Chinese politician (born 1955)

Xu Zongheng (许宗衡 (許宗衡, Xǔ Zōnghéng); born July 1955) is a Chinese politician who was the mayor of Shenzhen, Guangdong, China from June 2005 to June 2009. During his term of service, an agreement was reached on the Shenzhen-Hong Kong Innovation Circle to develop both cities into a metropolis.

Xu was born in Xiangtan, Hunan province. In June 2009, Xu was placed under investigation for "severe violations" and later dismissed from the mayor position. Sources reported that Xu was allegedly involved in the corruption scandal involving Gome Electrical Appliances founder, Huang Guangyu.

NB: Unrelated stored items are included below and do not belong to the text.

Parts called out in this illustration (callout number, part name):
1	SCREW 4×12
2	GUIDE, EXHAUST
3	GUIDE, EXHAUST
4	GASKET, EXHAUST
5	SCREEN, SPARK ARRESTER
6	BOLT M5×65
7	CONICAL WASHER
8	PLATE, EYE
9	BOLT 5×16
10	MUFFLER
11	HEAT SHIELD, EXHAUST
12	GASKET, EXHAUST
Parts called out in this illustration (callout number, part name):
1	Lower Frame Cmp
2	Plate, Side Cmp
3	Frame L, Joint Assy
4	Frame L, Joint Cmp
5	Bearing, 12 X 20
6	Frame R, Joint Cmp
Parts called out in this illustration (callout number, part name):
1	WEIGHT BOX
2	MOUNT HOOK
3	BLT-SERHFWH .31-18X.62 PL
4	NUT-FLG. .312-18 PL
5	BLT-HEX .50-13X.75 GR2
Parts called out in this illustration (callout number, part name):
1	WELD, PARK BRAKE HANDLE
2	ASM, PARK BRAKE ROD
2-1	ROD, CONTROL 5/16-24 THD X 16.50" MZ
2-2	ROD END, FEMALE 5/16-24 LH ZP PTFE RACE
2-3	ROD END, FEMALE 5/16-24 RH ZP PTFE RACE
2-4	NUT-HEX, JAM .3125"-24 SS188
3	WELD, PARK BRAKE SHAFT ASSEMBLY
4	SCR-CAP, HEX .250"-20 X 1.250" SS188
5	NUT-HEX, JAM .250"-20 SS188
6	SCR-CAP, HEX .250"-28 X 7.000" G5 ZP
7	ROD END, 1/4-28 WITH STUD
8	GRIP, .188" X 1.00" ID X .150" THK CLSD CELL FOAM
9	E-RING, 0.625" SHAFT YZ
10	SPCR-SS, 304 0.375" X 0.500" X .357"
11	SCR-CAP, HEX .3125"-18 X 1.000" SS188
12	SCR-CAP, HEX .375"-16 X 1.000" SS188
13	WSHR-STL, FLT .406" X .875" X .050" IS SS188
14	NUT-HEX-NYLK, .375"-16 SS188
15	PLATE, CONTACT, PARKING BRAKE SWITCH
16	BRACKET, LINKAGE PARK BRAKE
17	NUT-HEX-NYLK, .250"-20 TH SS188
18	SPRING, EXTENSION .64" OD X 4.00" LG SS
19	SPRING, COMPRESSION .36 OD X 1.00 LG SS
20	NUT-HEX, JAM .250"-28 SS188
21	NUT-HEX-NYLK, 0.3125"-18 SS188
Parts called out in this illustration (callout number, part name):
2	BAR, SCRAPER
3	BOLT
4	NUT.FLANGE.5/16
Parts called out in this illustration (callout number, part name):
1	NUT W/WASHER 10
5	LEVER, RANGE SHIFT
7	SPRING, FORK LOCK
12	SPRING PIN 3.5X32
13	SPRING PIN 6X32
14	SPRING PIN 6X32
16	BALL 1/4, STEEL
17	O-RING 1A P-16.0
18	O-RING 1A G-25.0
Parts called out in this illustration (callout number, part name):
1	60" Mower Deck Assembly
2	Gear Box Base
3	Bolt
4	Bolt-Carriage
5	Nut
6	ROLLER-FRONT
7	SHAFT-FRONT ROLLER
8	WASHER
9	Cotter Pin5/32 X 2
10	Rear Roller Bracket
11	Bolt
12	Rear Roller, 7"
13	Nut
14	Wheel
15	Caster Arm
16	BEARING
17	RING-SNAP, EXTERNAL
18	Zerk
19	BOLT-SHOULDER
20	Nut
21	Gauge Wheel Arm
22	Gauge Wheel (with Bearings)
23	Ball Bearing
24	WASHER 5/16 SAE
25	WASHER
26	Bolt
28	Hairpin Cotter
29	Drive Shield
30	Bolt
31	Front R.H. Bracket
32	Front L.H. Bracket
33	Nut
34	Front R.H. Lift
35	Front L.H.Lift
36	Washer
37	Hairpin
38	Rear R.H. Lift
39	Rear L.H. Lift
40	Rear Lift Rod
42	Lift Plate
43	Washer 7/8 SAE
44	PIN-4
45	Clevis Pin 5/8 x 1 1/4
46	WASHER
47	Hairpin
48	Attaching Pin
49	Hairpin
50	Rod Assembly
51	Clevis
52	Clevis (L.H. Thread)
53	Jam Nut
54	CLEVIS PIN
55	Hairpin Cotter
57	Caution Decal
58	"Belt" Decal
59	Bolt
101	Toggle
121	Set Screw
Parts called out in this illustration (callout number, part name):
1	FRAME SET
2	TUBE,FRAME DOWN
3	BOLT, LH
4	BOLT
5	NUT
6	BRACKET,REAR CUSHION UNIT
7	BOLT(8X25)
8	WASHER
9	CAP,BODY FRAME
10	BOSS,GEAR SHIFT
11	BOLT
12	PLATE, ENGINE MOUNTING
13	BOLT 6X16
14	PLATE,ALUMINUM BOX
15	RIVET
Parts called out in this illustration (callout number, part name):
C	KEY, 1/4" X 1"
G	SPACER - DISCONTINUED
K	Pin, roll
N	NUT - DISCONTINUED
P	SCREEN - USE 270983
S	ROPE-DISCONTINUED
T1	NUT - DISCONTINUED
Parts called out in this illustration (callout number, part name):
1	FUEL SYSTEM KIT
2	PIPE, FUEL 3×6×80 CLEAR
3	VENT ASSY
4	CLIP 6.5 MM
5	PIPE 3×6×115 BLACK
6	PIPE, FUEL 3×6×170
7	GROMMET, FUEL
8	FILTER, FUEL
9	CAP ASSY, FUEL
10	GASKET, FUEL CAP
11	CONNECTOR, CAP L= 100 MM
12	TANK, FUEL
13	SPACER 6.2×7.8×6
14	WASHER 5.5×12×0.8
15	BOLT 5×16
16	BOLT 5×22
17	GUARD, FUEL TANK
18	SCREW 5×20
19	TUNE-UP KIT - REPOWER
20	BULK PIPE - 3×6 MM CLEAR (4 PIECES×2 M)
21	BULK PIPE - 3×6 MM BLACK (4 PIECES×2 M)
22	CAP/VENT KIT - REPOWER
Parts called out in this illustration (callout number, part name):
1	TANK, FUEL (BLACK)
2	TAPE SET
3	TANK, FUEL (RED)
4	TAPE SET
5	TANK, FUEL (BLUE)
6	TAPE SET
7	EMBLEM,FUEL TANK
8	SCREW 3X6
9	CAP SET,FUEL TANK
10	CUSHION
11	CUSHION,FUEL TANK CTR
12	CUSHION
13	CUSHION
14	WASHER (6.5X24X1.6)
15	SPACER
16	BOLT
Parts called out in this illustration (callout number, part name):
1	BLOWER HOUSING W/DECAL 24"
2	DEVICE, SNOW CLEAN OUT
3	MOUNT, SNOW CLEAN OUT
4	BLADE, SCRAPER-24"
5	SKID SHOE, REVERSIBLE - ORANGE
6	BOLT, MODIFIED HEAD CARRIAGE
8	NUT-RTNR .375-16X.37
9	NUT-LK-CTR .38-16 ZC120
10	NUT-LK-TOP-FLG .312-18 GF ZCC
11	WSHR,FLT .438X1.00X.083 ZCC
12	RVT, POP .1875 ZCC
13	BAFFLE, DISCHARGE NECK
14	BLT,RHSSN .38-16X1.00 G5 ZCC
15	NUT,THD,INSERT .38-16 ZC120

Xu has been replaced as mayor by Wang Rong.

In May 2011, Xu was convicted of taking 33.18 million yuan (~$5.4 million) in bribes and sentenced to death with a two-year reprieve by the Zhengzhou People's Intermediate Court in Henan province. The court ruling read, "Xu took advantage of his posts and received bribes or gifts [...] from Shenzhen Shunjia Hi-tech Construction Materials, Yu Weiliang, former party boss of Shenzhen's Longgang District, and seven other companies or individuals alter government land planning, win bids for construction projects, get promotions and advance their personal interests."